Choisi le 30 août 2022, à la Librairie Anagramme, Meudon- en flânant... et me demandant quel autre texte assez prenant allait pouvoir succéder à ma lecture précédente, épatante, celle du dernier roman de F. Bouysse....

Autre pépite... de cette rentrée littéraire !

Mon choix a été dicté par deux élans : le premier : la couverture :une détail d'une peinture d'une artiste des années 1930, que j'ai découverte cette année à l'exposition "Pionnières" au Musée du Luxembourg. Ce détail représente un homme noir qui écrit studieusement....
Ce tableau est magnifique et interpelle évidemment... L'artiste, en question se nomme Lucie Cousturier, et la seconde curiosité est le sujet...: L'histoire d'un très jeune tirailleur sénégalais, enrôlé de force, comme toutes les autres recrues , Amadou Lo. Il a 17 ans lorsqu'il doit quitter sa Guinée natale ainsi que frères, soeur et mère !
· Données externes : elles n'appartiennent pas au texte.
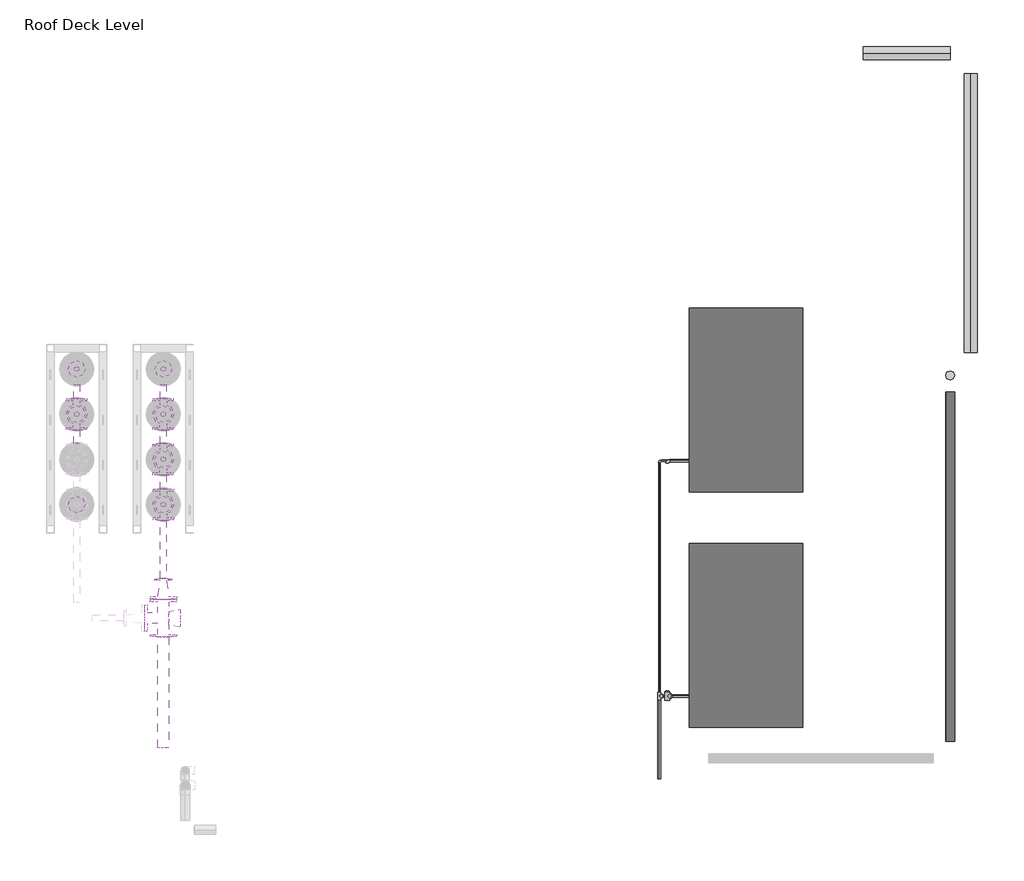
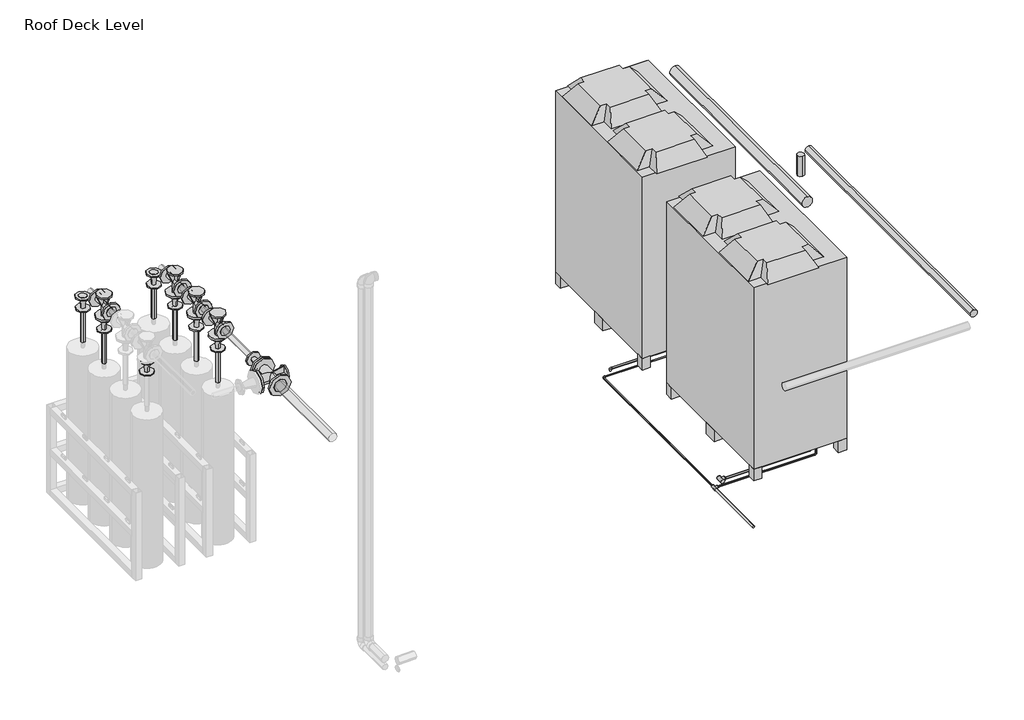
# One storey, part 3 of 3: 27 pipe fittings, 27 pipe segments, 2 proxies.
"""IFC4 building model written with IfcOpenShell, lengths in millimetres."""

from ifc_helpers import new_model, si_unit, point, frame, frame_2d, origin, place, context, project, spatial, circle_curve, trimmed, segment, composite_curve, outline, extrude, transform, mapped, element, save
from components import mechanical_equipment_ce02502f, m_elbow_generic_standard_bb5ffebe, m_elbow_generic_standard_f0c60a04, m_elbow_generic_standard_5acbe53e, m_reducer_flanged_cs_class_150_standard_b6b67c23, m_reducer_flanged_cs_class_150_standard_6ae1fdcb, m_reducer_flanged_cs_class_150_standard_777fbdd8, m_tee_generic_standard_3138dd84, m_tee_generic_standard_5078887e, m_tee_round_base_flanged_cs_class_150_standard_9c9133d0, m_tee_round_base_flanged_cs_class_150_standard_f067e6f9, m_transition_generic_standard_1c56dba2, m_transition_generic_standard_a7d161d7, m_transition_generic_standard_e868cdd7, m_transition_generic_standard_bb155b95

model = new_model("IFC4")

# Units and contexts
model_context = context("Model", 3, world=origin())
ifc_project = project(units=[si_unit("LENGTHUNIT", "METRE", prefix="MILLI")], contexts=[model_context])

# Site, building, storey
site = spatial("IfcSite", under=ifc_project)
building = spatial("IfcBuilding", under=site)
storey = spatial("IfcBuildingStorey", under=building, Name="Roof Deck Level", Elevation=4400.0)

# Proxies
placement = place(None, origin())
mechanical_equipment_shape = mechanical_equipment_ce02502f(model_context)
element("IfcBuildingElementProxy", 1, Name="Condenser-Daikin-RXYQ14-16-18P : RXYQ14P, 400v/50Hz/3Ph", ObjectType="Condenser-Daikin-RXYQ14-16-18P : RXYQ14P, 400v/50Hz/3Ph", at=placement, inside=storey, context=model_context, shape_type="MappedRepresentation", body=[
    mapped(mechanical_equipment_shape, transform((-2047.9099461, 18289.6783949, 4700.0), x_axis=(0.0, 1.0, 0.0), y_axis=(-1.0, 0.0, 0.0), z_axis=(0.0, 0.0, 1.0))),
])
element("IfcBuildingElementProxy", 2, Name="Condenser-Daikin-RXYQ14-16-18P : RXYQ14P, 400v/50Hz/3Ph", ObjectType="Condenser-Daikin-RXYQ14-16-18P : RXYQ14P, 400v/50Hz/3Ph", at=placement, inside=storey, context=model_context, shape_type="MappedRepresentation", body=[
    mapped(mechanical_equipment_shape, transform((-2047.9099461, 16700.904492, 4700.0), x_axis=(0.0, 1.0, 0.0), y_axis=(-1.0, 0.0, 0.0), z_axis=(0.0, 0.0, 1.0))),
])

# Pipe fittings
m_elbow_generic_standard_shape = m_elbow_generic_standard_bb5ffebe(model_context)
element("IfcPipeFitting", 3, ObjectType="M_Elbow - Generic : Standard", at=placement, inside=storey, context=model_context, shape_type="MappedRepresentation", body=[
    mapped(m_elbow_generic_standard_shape, transform((-1832.1333119, 17880.8017607, 4634.3568617), x_axis=(0.0, 0.0, -1.0), y_axis=(-1.0, 0.0, 0.0), z_axis=(0.0, 1.0, 0.0))),
])
element("IfcPipeFitting", 4, ObjectType="M_Elbow - Generic : Standard", at=placement, inside=storey, context=model_context, shape_type="MappedRepresentation", body=[
    mapped(m_elbow_generic_standard_shape, transform((-1832.1333119, 16292.0278578, 4634.3568617), x_axis=(0.0, 0.0, -1.0), y_axis=(-1.0, 0.0, 0.0), z_axis=(0.0, 1.0, 0.0))),
])
element("IfcPipeFitting", 5, ObjectType="M_Elbow - Generic : Standard", at=placement, inside=storey, context=model_context, shape_type="MappedRepresentation", body=[
    mapped(m_elbow_generic_standard_shape, transform((-2579.6952605, 17880.8017607, 4634.3568617), x_axis=(-1.0, 0.0, 0.0), y_axis=(0.0, -1.0, 0.0), z_axis=(0.0, 0.0, 1.0))),
])
m_elbow_generic_standard_2_shape = m_elbow_generic_standard_f0c60a04(model_context)
element("IfcPipeFitting", 6, ObjectType="M_Elbow - Generic : Standard", at=placement, inside=storey, context=model_context, shape_type="MappedRepresentation", body=[
    mapped(m_elbow_generic_standard_2_shape, transform((-1794.0061091, 17880.8745579, 4581.0887163), x_axis=(0.0, 0.0, -1.0), y_axis=(-1.0, 0.0, 0.0), z_axis=(0.0, 1.0, 0.0))),
])
element("IfcPipeFitting", 7, ObjectType="M_Elbow - Generic : Standard", at=placement, inside=storey, context=model_context, shape_type="MappedRepresentation", body=[
    mapped(m_elbow_generic_standard_2_shape, transform((-2632.5317949, 17880.8745579, 4581.0887163), x_axis=(-1.0, 0.0, 0.0), y_axis=(0.0, -0.9999999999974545, 2.2563342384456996e-06), z_axis=(0.0, 2.2563342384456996e-06, 0.9999999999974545))),
])
m_elbow_generic_standard_3_shape = m_elbow_generic_standard_5acbe53e(model_context)
element("IfcPipeFitting", 8, ObjectType="M_Elbow - Generic : Standard", at=placement, inside=storey, context=model_context, shape_type="MappedRepresentation", body=[
    mapped(m_elbow_generic_standard_3_shape, transform((-1794.0061091, 16292.100655, 4581.0887163), x_axis=(0.0, 0.0, -1.0), y_axis=(-1.0, 0.0, 0.0), z_axis=(0.0, 1.0, 0.0))),
])
m_reducer_flanged_cs_class_150_standard_shape = m_reducer_flanged_cs_class_150_standard_b6b67c23(model_context)
element("IfcPipeFitting", 9, ObjectType="M_Reducer - Flanged - CS - Class 150 : Standard", at=placement, inside=storey, context=model_context, shape_type="MappedRepresentation", body=[
    mapped(m_reducer_flanged_cs_class_150_standard_shape, transform((-6562.8546656, 18194.4611936, 6293.9014063), x_axis=(0.0, 0.0, -1.0), y_axis=(0.0, -1.0, 0.0), z_axis=(-1.0, 0.0, 0.0))),
])
element("IfcPipeFitting", 10, ObjectType="M_Reducer - Flanged - CS - Class 150 : Standard", at=placement, inside=storey, context=model_context, shape_type="MappedRepresentation", body=[
    mapped(m_reducer_flanged_cs_class_150_standard_shape, transform((-6562.8546656, 17584.8611936, 6293.9014063), x_axis=(0.0, 0.0, -1.0), y_axis=(0.0, -1.0, 0.0), z_axis=(-1.0, 0.0, 0.0))),
])
element("IfcPipeFitting", 11, ObjectType="M_Reducer - Flanged - CS - Class 150 : Standard", at=placement, inside=storey, context=model_context, shape_type="MappedRepresentation", body=[
    mapped(m_reducer_flanged_cs_class_150_standard_shape, transform((-5978.130502, 18194.4611936, 6293.9014063), x_axis=(0.0, 0.0, -1.0), y_axis=(0.0, -1.0, 0.0), z_axis=(-1.0, 0.0, 0.0))),
])
element("IfcPipeFitting", 12, ObjectType="M_Reducer - Flanged - CS - Class 150 : Standard", at=placement, inside=storey, context=model_context, shape_type="MappedRepresentation", body=[
    mapped(m_reducer_flanged_cs_class_150_standard_shape, transform((-5978.130502, 17584.8611936, 6293.9014063), x_axis=(0.0, 0.0, -1.0), y_axis=(0.0, -1.0, 0.0), z_axis=(-1.0, 0.0, 0.0))),
])
m_reducer_flanged_cs_class_150_standard_2_shape = m_reducer_flanged_cs_class_150_standard_6ae1fdcb(model_context)
element("IfcPipeFitting", 13, ObjectType="M_Reducer - Flanged - CS - Class 150 : Standard", at=placement, inside=storey, context=model_context, shape_type="MappedRepresentation", body=[
    mapped(m_reducer_flanged_cs_class_150_standard_2_shape, transform((-6562.8546656, 18499.2611936, 6293.9014063), x_axis=(0.0, 0.0, -1.0), y_axis=(-1.0, 0.0, 0.0), z_axis=(0.0, 1.0, 0.0))),
])
element("IfcPipeFitting", 14, ObjectType="M_Reducer - Flanged - CS - Class 150 : Standard", at=placement, inside=storey, context=model_context, shape_type="MappedRepresentation", body=[
    mapped(m_reducer_flanged_cs_class_150_standard_2_shape, transform((-5978.130502, 18499.2611936, 6293.9014063), x_axis=(0.0, 0.0, -1.0), y_axis=(-1.0, 0.0, 0.0), z_axis=(0.0, 1.0, 0.0))),
])
element("IfcPipeFitting", 15, ObjectType="M_Reducer - Flanged - CS - Class 150 : Standard", at=placement, inside=storey, context=model_context, shape_type="MappedRepresentation", body=[
    mapped(m_reducer_flanged_cs_class_150_standard_2_shape, transform((-5978.130502, 17889.6611936, 6293.9014063), x_axis=(0.0, 0.0, -1.0), y_axis=(-1.0, 0.0, 0.0), z_axis=(0.0, 1.0, 0.0))),
])
m_reducer_flanged_cs_class_150_standard_3_shape = m_reducer_flanged_cs_class_150_standard_777fbdd8(model_context)
element("IfcPipeFitting", 16, ObjectType="M_Reducer - Flanged - CS - Class 150 : Standard", at=placement, inside=storey, context=model_context, shape_type="MappedRepresentation", body=[
    mapped(m_reducer_flanged_cs_class_150_standard_3_shape, transform((-5978.130502, 16945.7625998, 6400.0), x_axis=(0.0, 1.0, 0.0), y_axis=(-1.0, 0.0, 0.0), z_axis=(0.0, 0.0, 1.0))),
])
m_tee_generic_standard_shape = m_tee_generic_standard_3138dd84(model_context)
element("IfcPipeFitting", 17, ObjectType="M_Tee - Generic : Standard", at=placement, inside=storey, context=model_context, shape_type="MappedRepresentation", body=[
    mapped(m_tee_generic_standard_shape, transform((-2579.6952605, 16292.0278578, 4634.3568617), x_axis=(0.0, -1.0, 0.0), y_axis=(-1.0, 0.0, 0.0), z_axis=(0.0, 0.0, -1.0))),
])
m_tee_generic_standard_2_shape = m_tee_generic_standard_5078887e(model_context)
element("IfcPipeFitting", 18, ObjectType="M_Tee - Generic : Standard", at=placement, inside=storey, context=model_context, shape_type="MappedRepresentation", body=[
    mapped(m_tee_generic_standard_2_shape, transform((-2632.5317947, 16292.100655, 4581.0921032), x_axis=(0.0, -0.999999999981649, -6.058218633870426e-06), y_axis=(-0.9999999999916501, -2.475707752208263e-11, 4.086527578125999e-06), z_axis=(-4.086527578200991e-06, 6.0582186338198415e-06, -0.9999999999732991))),
])
m_tee_round_base_flanged_cs_class_150_standard_shape = m_tee_round_base_flanged_cs_class_150_standard_9c9133d0(model_context)
element("IfcPipeFitting", 19, ObjectType="M_Tee Round Base - Flanged - CS - Class 150 : Standard", at=placement, inside=storey, context=model_context, shape_type="MappedRepresentation", body=[
    mapped(m_tee_round_base_flanged_cs_class_150_standard_shape, transform((-6562.8546656, 18194.4611936, 6400.0), x_axis=(0.0, 1.0, 0.0), y_axis=(0.0, 0.0, 1.0), z_axis=(1.0, 0.0, 0.0))),
])
element("IfcPipeFitting", 20, ObjectType="M_Tee Round Base - Flanged - CS - Class 150 : Standard", at=placement, inside=storey, context=model_context, shape_type="MappedRepresentation", body=[
    mapped(m_tee_round_base_flanged_cs_class_150_standard_shape, transform((-5978.130502, 18194.4611936, 6400.0), x_axis=(0.0, 1.0, 0.0), y_axis=(0.0, 0.0, 1.0), z_axis=(1.0, 0.0, 0.0))),
])
element("IfcPipeFitting", 21, ObjectType="M_Tee Round Base - Flanged - CS - Class 150 : Standard", at=placement, inside=storey, context=model_context, shape_type="MappedRepresentation", body=[
    mapped(m_tee_round_base_flanged_cs_class_150_standard_shape, transform((-5978.130502, 17889.6611936, 6400.0), x_axis=(0.0, 1.0, 0.0), y_axis=(0.0, 0.0, 1.0), z_axis=(1.0, 0.0, 0.0))),
])
element("IfcPipeFitting", 22, ObjectType="M_Tee Round Base - Flanged - CS - Class 150 : Standard", at=placement, inside=storey, context=model_context, shape_type="MappedRepresentation", body=[
    mapped(m_tee_round_base_flanged_cs_class_150_standard_shape, transform((-5978.130502, 17584.8611936, 6400.0), x_axis=(0.0, -1.0, 0.0), y_axis=(0.0, 0.0, 1.0), z_axis=(-1.0, 0.0, 0.0))),
])
m_tee_round_base_flanged_cs_class_150_standard_2_shape = m_tee_round_base_flanged_cs_class_150_standard_f067e6f9(model_context)
element("IfcPipeFitting", 23, ObjectType="M_Tee Round Base - Flanged - CS - Class 150 : Standard", at=placement, inside=storey, context=model_context, shape_type="MappedRepresentation", body=[
    mapped(m_tee_round_base_flanged_cs_class_150_standard_2_shape, transform((-5978.130502, 16818.7625998, 6400.0), x_axis=(0.0, 1.0, 0.0), y_axis=(1.0, 0.0, 0.0), z_axis=(0.0, 0.0, -1.0))),
])
m_transition_generic_standard_shape = m_transition_generic_standard_1c56dba2(model_context)
element("IfcPipeFitting", 24, ObjectType="M_Transition - Generic : Standard", at=placement, inside=storey, context=model_context, shape_type="MappedRepresentation", body=[
    mapped(m_transition_generic_standard_shape, transform((-2551.1202605, 16292.0278578, 4634.3568617), x_axis=(1.0, 0.0, 0.0), y_axis=(0.0, 1.0, 0.0), z_axis=(0.0, 0.0, 1.0))),
])
element("IfcPipeFitting", 25, ObjectType="M_Transition - Generic : Standard", at=placement, inside=storey, context=model_context, shape_type="MappedRepresentation", body=[
    mapped(m_transition_generic_standard_shape, transform((-2579.6952605, 16320.6028578, 4634.3568617), x_axis=(0.0, 1.0, 0.0), y_axis=(-1.0, 0.0, 0.0), z_axis=(0.0, 0.0, 1.0))),
])
m_transition_generic_standard_2_shape = m_transition_generic_standard_a7d161d7(model_context)
element("IfcPipeFitting", 26, ObjectType="M_Transition - Generic : Standard", at=placement, inside=storey, context=model_context, shape_type="MappedRepresentation", body=[
    mapped(m_transition_generic_standard_2_shape, transform((-2632.5317947, 16315.913155, 4581.0922474), x_axis=(0.0, 0.999999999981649, 6.05821863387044e-06), y_axis=(-0.9999999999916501, -2.4757077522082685e-11, 4.086527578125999e-06), z_axis=(4.086527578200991e-06, -6.058218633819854e-06, 0.9999999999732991))),
])
m_transition_generic_standard_3_shape = m_transition_generic_standard_e868cdd7(model_context)
element("IfcPipeFitting", 27, ObjectType="M_Transition - Generic : Standard", at=placement, inside=storey, context=model_context, shape_type="MappedRepresentation", body=[
    mapped(m_transition_generic_standard_3_shape, transform((-1794.0061091, 16292.100655, 4758.7502), x_axis=(0.0, 0.0, 1.0), y_axis=(-1.0, 0.0, 0.0), z_axis=(0.0, -1.0, 0.0))),
])
element("IfcPipeFitting", 28, ObjectType="M_Transition - Generic : Standard", at=placement, inside=storey, context=model_context, shape_type="MappedRepresentation", body=[
    mapped(m_transition_generic_standard_3_shape, transform((-1794.0061091, 17880.8745579, 4758.7502), x_axis=(0.0, 0.0, 1.0), y_axis=(-1.0, 0.0, 0.0), z_axis=(0.0, -1.0, 0.0))),
])
m_transition_generic_standard_4_shape = m_transition_generic_standard_bb155b95(model_context)
element("IfcPipeFitting", 29, ObjectType="M_Transition - Generic : Standard", at=placement, inside=storey, context=model_context, shape_type="MappedRepresentation", body=[
    mapped(m_transition_generic_standard_4_shape, transform((-2608.7192947, 16292.100655, 4581.0920058), x_axis=(0.9999999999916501, 0.0, -4.086527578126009e-06), y_axis=(2.4757077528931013e-11, 0.999999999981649, 6.058218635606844e-06), z_axis=(4.086527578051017e-06, -6.0582186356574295e-06, 0.9999999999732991))),
])

# Pipe segments
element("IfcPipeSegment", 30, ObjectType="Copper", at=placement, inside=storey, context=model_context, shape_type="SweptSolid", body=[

Troisième coup de coeur de cette rentrée littéraire 2022, après deux autres ouvrages aux univers et thématiques autres: "Les trois ruches bleues" de Patrick Cloux et "L'Homme peuplé" de Franck Bouysse....

Gravement blessé, il est sauvé par un médecin militaire, "le Major" , qui le prend sous son aile, s'attache à lui, tant et si bien, qu'à la fin de la guerre, au bout de quatre années, il veut le garder auprès de lui comme chauffeur... Amadou ne comprend pas, il voudrait retourner dans son pays, comme les autres "tirailleurs"
Amadou, déçu et incrédule, se résigne, et accepte par reconnaissance envers le Major, à qui il doit la vie...

Ce dernier, même si généreux et bienveillant dans l'ensemble, ne veut pas s'avouer son égoisme ni son attirance ambiguë envers ce très beau jeune homme. ...
Amadou va arriver dans le village du Major et devoir faire face aux différents rejets des villageois et des "domestiques" du Manoir...

Heureusement il fera , sur le chemin de la bêtise , de la méchanceté, et des coups tordus des uns et des autres, la rencontre de belles personnes: Hélène, la petite fille des châtelains du coin, qui lui apprendra à lire, ensuite , Hélène partie chez ses grand-parents, cela sera son oncle, Augustin, qui continuera à lui donner des livres et à lui donner des cours de français... Car Amadou, son obsession est de parler bien le français comme un vrai Français et non pas ce charabia infantilisant avec lequel les Blancs s'adressent à eux...

"Et en même temps, il pensait aux manuels d'histoire qui vantaient les bienfaits que la République aurait apportés aux peuples colonisés : la civilisation ! On ne leur a même pas appris à lire ! On ne leur a même pas appris à parler ! Pire, on leur a appris cet affreux sabir, une langue d'idiots, une langue d'Esclaves.La France, le premier pays à avoir aboli l'esclavage ! Tu parles ! On a seulement aboli le mot ."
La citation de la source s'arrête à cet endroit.